[Data items]

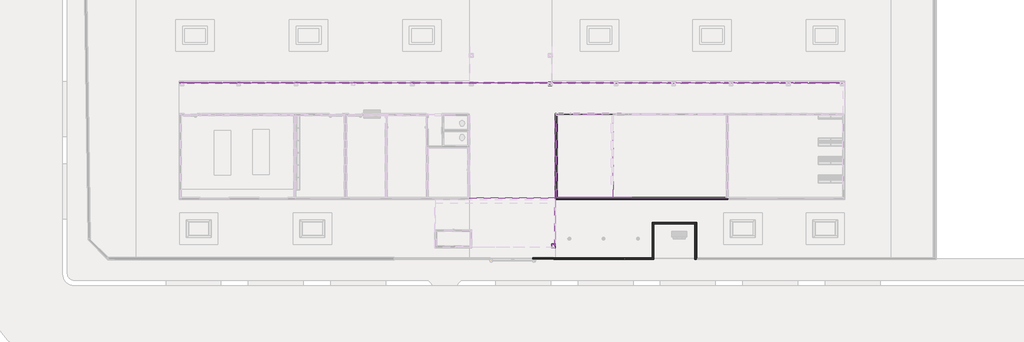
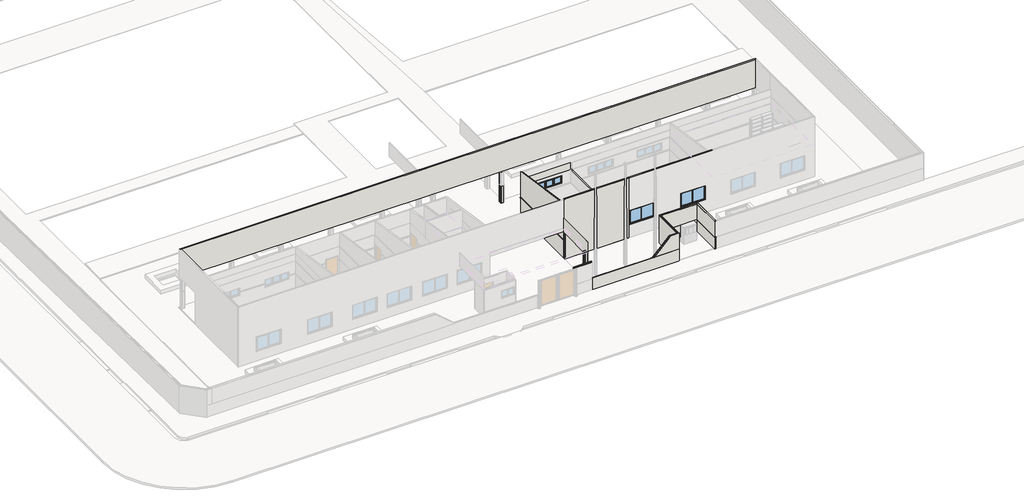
# One storey, part 11 of 28: 53 walls, 3 windows, 2 doors.
"""IFC4 building model written with IfcOpenShell, lengths in millimetres."""

from ifc_helpers import new_model, si_unit, frame, origin, origin_with_axes, place, context, project, spatial, polyline, outline, extrude, faceted_brep, transform, mapped, element, save
from components import door_29174598, pf15_l82cm_5bfc7586, window_2x1_20x1x10_9e9748dd, window_2x60x220_bcaba8dd

model = new_model("IFC4")

# Units and contexts
model_context = context("Model", 3, world=origin())
ifc_project = project(units=[si_unit("LENGTHUNIT", "METRE", prefix="MILLI")], contexts=[model_context])

# Site, building, storey
site = spatial("IfcSite", under=ifc_project)
building = spatial("IfcBuilding", under=site)
storey = spatial("IfcBuildingStorey", under=building, Name="Térreo", Elevation=0.0)

# Doors
placement = place(None, origin())
door_shape = door_29174598(model_context)
element("IfcDoor", 1, ObjectType="FDE_SO_Soleiras1 : SO14_SoleiraRampadaDesnívelAté2cm_L=14cm_Cimentado 2", at=placement, inside=storey, context=model_context, shape_type="MappedRepresentation", body=[
    mapped(door_shape, transform((-27113.0, 10630.0, 240.0), x_axis=(-1.0, 0.0, 0.0), y_axis=(0.0, -1.0, 0.0), z_axis=(0.0, 0.0, 1.0))),
])
pf15_l82cm_shape = pf15_l82cm_5bfc7586(model_context)
element("IfcDoor", 2, ObjectType="FDE_PF15_PF16_PF17_PortaemChapadeFerro : PF15_L82cm", at=placement, inside=storey, context=model_context, shape_type="MappedRepresentation", body=[
    mapped(pf15_l82cm_shape, transform((-27113.0, 10625.0, 240.0), x_axis=(-1.0, 0.0, 0.0), y_axis=(0.0, -1.0, 0.0), z_axis=(0.0, 0.0, 1.0))),
])

# Walls
element("IfcWall", 3, ObjectType="FDE_S712_AlvenariadeTijoloCerâmico/Baiano_Alvenaria_9cm - Existente", at=placement, inside=storey, context=model_context, shape_type="Brep", body=[
    faceted_brep([(-27630.0, 4430.0, 3500.0), (-27630.0, 4430.0, 0.0), (-27630.0, 4520.0, 0.0), (-27630.0, 10580.0, 0.0), (-27630.0, 10670.0, 0.0), (-27630.0, 10670.0, 3500.0), (-27630.0, 10580.0, 3500.0), (-27630.0, 4520.0, 3500.0), (-27720.0, 4430.0, 0.0), (-27720.0, 4430.0, 3500.0), (-27720.0, 10670.0, 3500.0), (-27720.0, 10670.0, 0.0)], [[[0, 1, 2, 3, 4, 5, 6, 7]], [[8, 9, 10, 11]], [[4, 3, 2, 1, 8, 11]], [[0, 7, 6, 5, 10, 9]], [[5, 4, 11, 10]], [[0, 9, 8, 1]]]),
])
element("IfcWall", 4, ObjectType="FDE_S712_AlvenariadeTijoloCerâmico/Baiano_Alvenaria_9cm - Existente", at=placement, inside=storey, context=model_context, shape_type="Brep", body=[
    faceted_brep([(-15180.0, 4520.0, 3500.0), (-15180.0, 4520.0, 0.0), (-15270.0, 4520.0, 0.0), (-27630.0, 4520.0, 0.0), (-27630.0, 4520.0, 3500.0), (-15835.0, 4520.0, 1235.0), (-15835.0, 4520.0, 2505.0), (-17905.0, 4520.0, 2505.0), (-17905.0, 4520.0, 1235.0), (-20135.0, 4520.0, 1235.0), (-20135.0, 4520.0, 2505.0), (-22205.0, 4520.0, 2505.0), (-22205.0, 4520.0, 1235.0), (-15180.0, 4430.0, 0.0), (-15180.0, 4430.0, 3500.0), (-27630.0, 4430.0, 3500.0), (-27630.0, 4430.0, 0.0), (-22251.4878545, 4430.0, 0.0), (-15835.0, 4430.0, 1235.0), (-17905.0, 4430.0, 1235.0), (-17905.0, 4430.0, 2505.0), (-15835.0, 4430.0, 2505.0), (-20135.0, 4430.0, 1235.0), (-22205.0, 4430.0, 1235.0), (-22205.0, 4430.0, 2505.0), (-20135.0, 4430.0, 2505.0)], [[[0, 1, 2, 3, 4], [5, 6, 7, 8], [9, 10, 11, 12]], [[13, 14, 15, 16, 17], [18, 19, 20, 21], [22, 23, 24, 25]], [[3, 2, 1, 13, 17, 16]], [[0, 4, 15, 14]], [[0, 14, 13, 1]], [[6, 5, 18, 21]], [[7, 6, 21, 20]], [[8, 7, 20, 19]], [[5, 8, 19, 18]], [[10, 9, 22, 25]], [[11, 10, 25, 24]], [[12, 11, 24, 23]], [[9, 12, 23, 22]], [[3, 16, 15, 4]]]),
])
element("IfcWall", 5, ObjectType="FDE_S712_AlvenariadeTijoloCerâmico/Baiano_Alvenaria_9cm - Existente", at=placement, inside=storey, context=model_context, shape_type="Brep", body=[
    faceted_brep([(-27630.0, 10580.0, 0.0), (-23620.0, 10580.0, 0.0), (-23620.0, 10580.0, 3500.0), (-27630.0, 10580.0, 3500.0), (-27630.0, 10580.0, 2900.0), (-27630.0, 10580.0, 1824.9435125), (-26431.0, 10580.0, 1965.0), (-26431.0, 10580.0, 2635.0), (-24361.0, 10580.0, 2635.0), (-24361.0, 10580.0, 1965.0), (-27530.0, 10580.0, 240.0), (-27530.0, 10580.0, 1824.9435125), (-27530.0, 10580.0, 2352.0), (-26696.0, 10580.0, 2352.0), (-26696.0, 10580.0, 1824.9435125), (-26696.0, 10580.0, 240.0), (-23620.0, 10670.0, 0.0), (-27630.0, 10670.0, 0.0), (-27630.0, 10670.0, 3500.0), (-23620.0, 10670.0, 3500.0), (-26431.0, 10670.0, 1965.0), (-24361.0, 10670.0, 1965.0), (-24361.0, 10670.0, 2635.0), (-26431.0, 10670.0, 2635.0), (-27530.0, 10670.0, 2352.0), (-27530.0, 10670.0, 240.0), (-26696.0, 10670.0, 240.0), (-26696.0, 10670.0, 2352.0)], [[[0, 1, 2, 3, 4, 5], [6, 7, 8, 9], [10, 11, 12, 13, 14, 15]], [[16, 17, 18, 19], [20, 21, 22, 23], [24, 25, 26, 27]], [[1, 0, 17, 16]], [[3, 2, 19, 18]], [[2, 1, 16, 19]], [[0, 5, 4, 3, 18, 17]], [[7, 6, 20, 23]], [[8, 7, 23, 22]], [[9, 8, 22, 21]], [[6, 9, 21, 20]], [[10, 25, 24, 12, 11]], [[12, 24, 27, 13]], [[13, 27, 26, 15, 14]], [[25, 10, 15, 26]]]),
])
element("IfcWall", 6, ObjectType="FDE_S712_AlvenariadeTijoloCerâmico/Baiano_Alvenaria_9cm - Existente", at=placement, inside=storey, context=model_context, shape_type="Brep", body=[
    faceted_brep([(-27630.0, 4520.0000015, 5007.4999998), (-27630.0, 4520.0000005, 2530.0), (-27630.0, 4520.0, 1824.9435125), (-27630.0, 4520.0, 1731.0528047), (-27630.0, 4520.0, 0.0), (-27630.0, 4550.0000005, 0.0), (-27630.0, 10550.0, 0.0), (-27630.0, 10580.0, 0.0), (-27630.0, 10580.0, 1731.0528047), (-27630.0, 10580.0, 1824.9435125), (-27630.0, 10580.0, 2900.0), (-27630.0, 10580.0, 4098.5), (-27720.0, 4520.0, 0.0), (-27720.0, 4520.0, 2530.0), (-27720.0, 4520.0000005, 5007.4999999), (-27720.0, 10580.0, 4098.5), (-27720.0, 10580.0, 0.0)], [[[0, 1, 2, 3, 4, 5, 6, 7, 8, 9, 10, 11]], [[12, 13, 14, 15, 16]], [[7, 6, 5, 4, 12, 16]], [[11, 10, 9, 8, 7, 16, 15]], [[0, 11, 15, 14]], [[1, 13, 12, 4, 3, 2]], [[0, 14, 13, 1]]]),
])
element("IfcWall", 7, ObjectType="FDE_S712_AlvenariadeTijoloCerâmico/Baiano_Alvenaria_9cm - Existente", at=placement, inside=storey, context=model_context, shape_type="Brep", body=[
    faceted_brep([(-15270.0, 4519.9999994, 0.0), (-15300.0, 4519.9999994, 0.0), (-27630.0, 4519.9999994, 0.0), (-27630.0, 4519.9999994, 220.0), (-27630.0, 4519.9999994, 1731.0528047), (-27630.0, 4519.9999994, 1824.9435125), (-22205.0, 4519.9999994, 1824.9435125), (-22205.0, 4519.9999994, 1731.0528047), (-22205.0, 4519.9999994, 1235.0), (-20135.0, 4519.9999994, 1235.0), (-20135.0, 4519.9999994, 1731.0528047), (-20135.0, 4519.9999994, 1824.9435125), (-17905.0, 4519.9999994, 1824.9435125), (-17905.0, 4519.9999994, 1731.0528047), (-17905.0, 4519.9999994, 1235.0), (-15835.0, 4519.9999994, 1235.0), (-15835.0, 4519.9999994, 1731.0528047), (-15835.0, 4519.9999994, 1824.9435125), (-15301.0, 4519.9999994, 1824.9435125), (-15301.0, 4519.9999994, 2900.0), (-27630.0, 4519.9999994, 2900.0), (-27630.0, 4519.9999994, 3500.0), (-27675.0, 4519.9999994, 3500.0), (-27675.0, 4519.9999994, 5400.0), (-15225.0, 4519.9999994, 5400.0), (-15225.0, 4519.9999994, 5045.0), (-15225.0, 4519.9999994, 4832.2457895), (-15270.0, 4519.9999994, 4832.2457895), (-15270.0, 4519.9999994, 2900.0), (-15270.0, 4519.9999994, 1824.9435125), (-15270.0, 4519.9999994, 1731.0528047), (-15270.0, 4519.9999994, 220.0), (-27630.0, 4429.9999994, 0.0), (-22251.4878545, 4429.9999994, 0.0), (-15270.0, 4429.9999994, 0.0), (-15270.0, 4429.9999994, 4832.2457895), (-15225.0, 4429.9999994, 4832.2457895), (-15225.0, 4429.9999994, 5045.0), (-15225.0, 4429.9999994, 5400.0), (-22251.4878545, 4429.9999994, 5400.0), (-27675.0, 4429.9999994, 5400.0), (-27675.0, 4429.9999994, 3500.0), (-27630.0, 4429.9999994, 3500.0), (-15835.0, 4429.9999994, 2505.0), (-15835.0, 4429.9999994, 1235.0), (-17905.0, 4429.9999994, 1235.0), (-17905.0, 4429.9999994, 2505.0), (-20135.0, 4429.9999994, 2505.0), (-20135.0, 4429.9999994, 1235.0), (-22205.0, 4429.9999994, 1235.0), (-22205.0, 4429.9999994, 2505.0), (-15835.0, 4519.0000005, 2505.0), (-15835.0, 4519.0000005, 1824.9435125), (-17905.0, 4519.0000005, 2505.0), (-17905.0, 4519.0000005, 1824.9435125), (-20135.0, 4519.0000005, 2505.0), (-20135.0, 4519.0000005, 1824.9435125), (-22205.0, 4519.0000005, 2505.0), (-22205.0, 4519.0000005, 1824.9435125), (-27630.0, 4519.0000005, 2900.0), (-15301.0, 4519.0000005, 2900.0), (-15301.0, 4519.0000005, 1824.9435125), (-27630.0, 4519.0000005, 1824.9435125)], [[[0, 1, 2, 3, 4, 5, 6, 7, 8, 9, 10, 11, 12, 13, 14, 15, 16, 17, 18, 19, 20, 21, 22, 23, 24, 25, 26, 27, 28, 29, 30, 31]], [[32, 33, 34, 35, 36, 37, 38, 39, 40, 41, 42], [43, 44, 45, 46], [47, 48, 49, 50]], [[44, 43, 51, 52, 17, 16, 15]], [[43, 46, 53, 51]], [[46, 45, 14, 13, 12, 54, 53]], [[15, 14, 45, 44]], [[48, 47, 55, 56, 11, 10, 9]], [[47, 50, 57, 55]], [[50, 49, 8, 7, 6, 58, 57]], [[9, 8, 49, 48]], [[0, 31, 30, 29, 28, 27, 35, 34]], [[59, 60, 61, 52, 51, 53, 54, 56, 55, 57, 58, 62]], [[56, 54, 12, 11]], [[52, 61, 18, 17]], [[62, 58, 6, 5]], [[60, 59, 20, 19]], [[61, 60, 19, 18]], [[2, 1, 0, 34, 33, 32]], [[24, 23, 40, 39, 38]], [[26, 25, 24, 38, 37, 36]], [[26, 36, 35, 27]], [[41, 22, 21, 42]], [[2, 32, 42, 21, 20, 59, 62, 5, 4, 3]], [[40, 23, 22, 41]]]),
])
element("IfcWall", 8, ObjectType="ACM Verde Folha_Marquise", at=placement, inside=storey, context=model_context, shape_type="Brep", body=[
    faceted_brep([(-27770.0, 4400.0000005, 2530.0), (-27770.0, 928.5326612, 2530.0), (-27770.0, 928.5326612, 2900.0), (-27770.0, 918.5326612, 2900.0), (-27770.0, 898.5326612, 2900.0), (-27770.0, 898.5326612, 3790.9420848), (-27770.0, 918.5326612, 3790.9420848), (-27770.0, 4400.0000017, 3790.9420848), (-27770.0, 4400.0000017, 2891.0), (-27750.0, 4400.0000005, 2530.0), (-27750.0, 4400.0000005, 2891.0), (-27750.0, 4400.0000017, 3790.9420848), (-27750.0, 898.5326612, 3790.9420848), (-27750.0, 898.5326612, 2900.0), (-27750.0, 928.5326612, 2900.0), (-27750.0, 928.5326612, 2530.0)], [[[0, 1, 2, 3, 4, 5, 6, 7, 8]], [[9, 10, 11, 12, 13, 14, 15]], [[1, 0, 9, 15]], [[7, 6, 5, 12, 11]], [[0, 8, 10, 9]], [[8, 7, 11, 10]], [[2, 1, 15, 14]], [[5, 4, 13, 12]], [[13, 4, 3, 2, 14]]]),
])
element("IfcWall", 9, ObjectType="Faixa - Revestimento Cerâmico Verde Folha 10x10cm", at=placement, inside=storey, context=model_context, shape_type="SweptSolid", body=[
    extrude(outline(polyline([(-20560.9444222, 32.3387091), (-27865.8320115, 32.3387091), (-27865.8320115, 62.3387091), (-20560.9444222, 62.3387091), (-20560.9444222, 32.3387091)])), origin_with_axes(), (0.0, 0.0, 1.0), 1156.7860555),
])
element("IfcWall", 10, ObjectType="Revestimento Cerâmico 10x10cm", at=placement, inside=storey, context=model_context, shape_type="Brep", body=[
    faceted_brep([(-27720.0, 4400.0000005, 220.0), (-27720.0, 10685.0, 220.0), (-27720.0, 10685.0, 1731.0528047), (-27720.0, 10655.0, 1731.0528047), (-27720.0, 4400.0000005, 1731.0528047), (-27750.0, 4400.0000005, 220.0), (-27750.0, 4400.0000005, 1731.0528047), (-27750.0, 10685.0, 1731.0528047), (-27750.0, 10685.0, 220.0)], [[[0, 1, 2, 3, 4]], [[5, 6, 7, 8]], [[1, 0, 5, 8]], [[4, 3, 2, 7, 6]], [[2, 1, 8, 7]], [[0, 4, 6, 5]]]),
])
element("IfcWall", 11, ObjectType="Pardes Externas_Pintura Acrílica Branco Neve", at=placement, inside=storey, context=model_context, shape_type="Brep", body=[
    faceted_brep([(-27720.0, 4520.0, 1824.9435125), (-27720.0, 10670.0, 1824.9435125), (-27720.0, 10685.0, 1824.9435125), (-27720.0, 10691.0, 1824.9435125), (-27720.0, 10691.0, 3944.0), (-27720.0, 10691.0, 4081.85), (-27720.0, 4520.0000015, 5007.4999998), (-27741.0, 4520.0, 1824.9435125), (-27741.0, 4520.0, 2530.0), (-27741.0, 4520.0, 5007.5), (-27741.0, 4541.0, 5004.35), (-27741.0, 10691.0, 4081.85), (-27741.0, 10691.0, 1824.9435125)], [[[0, 1, 2, 3, 4, 5, 6]], [[7, 8, 9, 10, 11, 12]], [[3, 2, 1, 0, 7, 12]], [[5, 4, 3, 12, 11]], [[6, 5, 11, 10, 9]], [[0, 6, 9, 8, 7]]]),
])
element("IfcWall", 12, ObjectType="Revestimento Cerâmico 10x10cm", at=placement, inside=storey, context=model_context, shape_type="Brep", body=[
    faceted_brep([(-27630.0, 10550.0, 220.0), (-27630.0, 4520.0, 220.0), (-27630.0, 4520.0, 1731.0528047), (-27630.0, 4550.0000005, 1731.0528047), (-27630.0, 4580.0000005, 1731.0528047), (-27630.0, 10550.0, 1731.0528047), (-27600.0, 10550.0, 220.0), (-27600.0, 10550.0, 1731.0528047), (-27600.0, 4520.0, 1731.0528047), (-27600.0, 4520.0, 220.0)], [[[0, 1, 2, 3, 4, 5]], [[6, 7, 8, 9]], [[1, 0, 6, 9]], [[5, 4, 3, 2, 8, 7]], [[0, 5, 7, 6]], [[2, 1, 9, 8]]]),
])
element("IfcWall", 13, ObjectType="Revestimento Cerâmico 10x10cm", at=placement, inside=storey, context=model_context, shape_type="Brep", body=[
    faceted_brep([(-27630.0, 4520.0000005, 0.0), (-15300.0, 4520.0000005, 0.0), (-15300.0, 4520.0000005, 220.0), (-15300.0, 4520.0000005, 1731.0528047), (-15835.0, 4520.0000005, 1731.0528047), (-15835.0, 4520.0000005, 1235.0), (-17905.0, 4520.0000005, 1235.0), (-17905.0, 4520.0000005, 1731.0528047), (-20135.0, 4520.0000005, 1731.0528047), (-20135.0, 4520.0000005, 1235.0), (-22205.0, 4520.0000005, 1235.0), (-22205.0, 4520.0000005, 1731.0528047), (-27630.0, 4520.0000005, 1731.0528047), (-15300.0, 4550.0000005, 0.0), (-27630.0, 4550.0000005, 0.0), (-27630.0, 4550.0000005, 1731.0528047), (-22205.0, 4550.0000005, 1731.0528047), (-22205.0, 4550.0000005, 1235.0), (-20135.0, 4550.0000005, 1235.0), (-20135.0, 4550.0000005, 1731.0528047), (-17905.0, 4550.0000005, 1731.0528047), (-17905.0, 4550.0000005, 1235.0), (-15835.0, 4550.0000005, 1235.0), (-15835.0, 4550.0000005, 1731.0528047), (-15300.0, 4550.0000005, 1731.0528047)], [[[0, 1, 2, 3, 4, 5, 6, 7, 8, 9, 10, 11, 12]], [[13, 14, 15, 16, 17, 18, 19, 20, 21, 22, 23, 24]], [[1, 0, 14, 13]], [[12, 11, 16, 15]], [[19, 8, 7, 20]], [[3, 24, 23, 4]], [[1, 13, 24, 3, 2]], [[18, 9, 8, 19]], [[10, 17, 16, 11]], [[9, 18, 17, 10]], [[22, 5, 4, 23]], [[6, 21, 20, 7]], [[5, 22, 21, 6]], [[14, 0, 12, 15]]]),
])
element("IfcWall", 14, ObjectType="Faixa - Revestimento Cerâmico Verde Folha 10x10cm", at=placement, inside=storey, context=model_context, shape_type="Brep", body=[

* [Work to be completed]: The lines in the records above that include the word "import" must be copied out.

* [Result of the task]:
from ifc_helpers import new_model, si_unit, frame, origin, origin_with_axes, place, context, project, spatial, polyline, outline, extrude, faceted_brep, transform, mapped, element, save
from components import door_29174598, pf15_l82cm_5bfc7586, window_2x1_20x1x10_9e9748dd, window_2x60x220_bcaba8dd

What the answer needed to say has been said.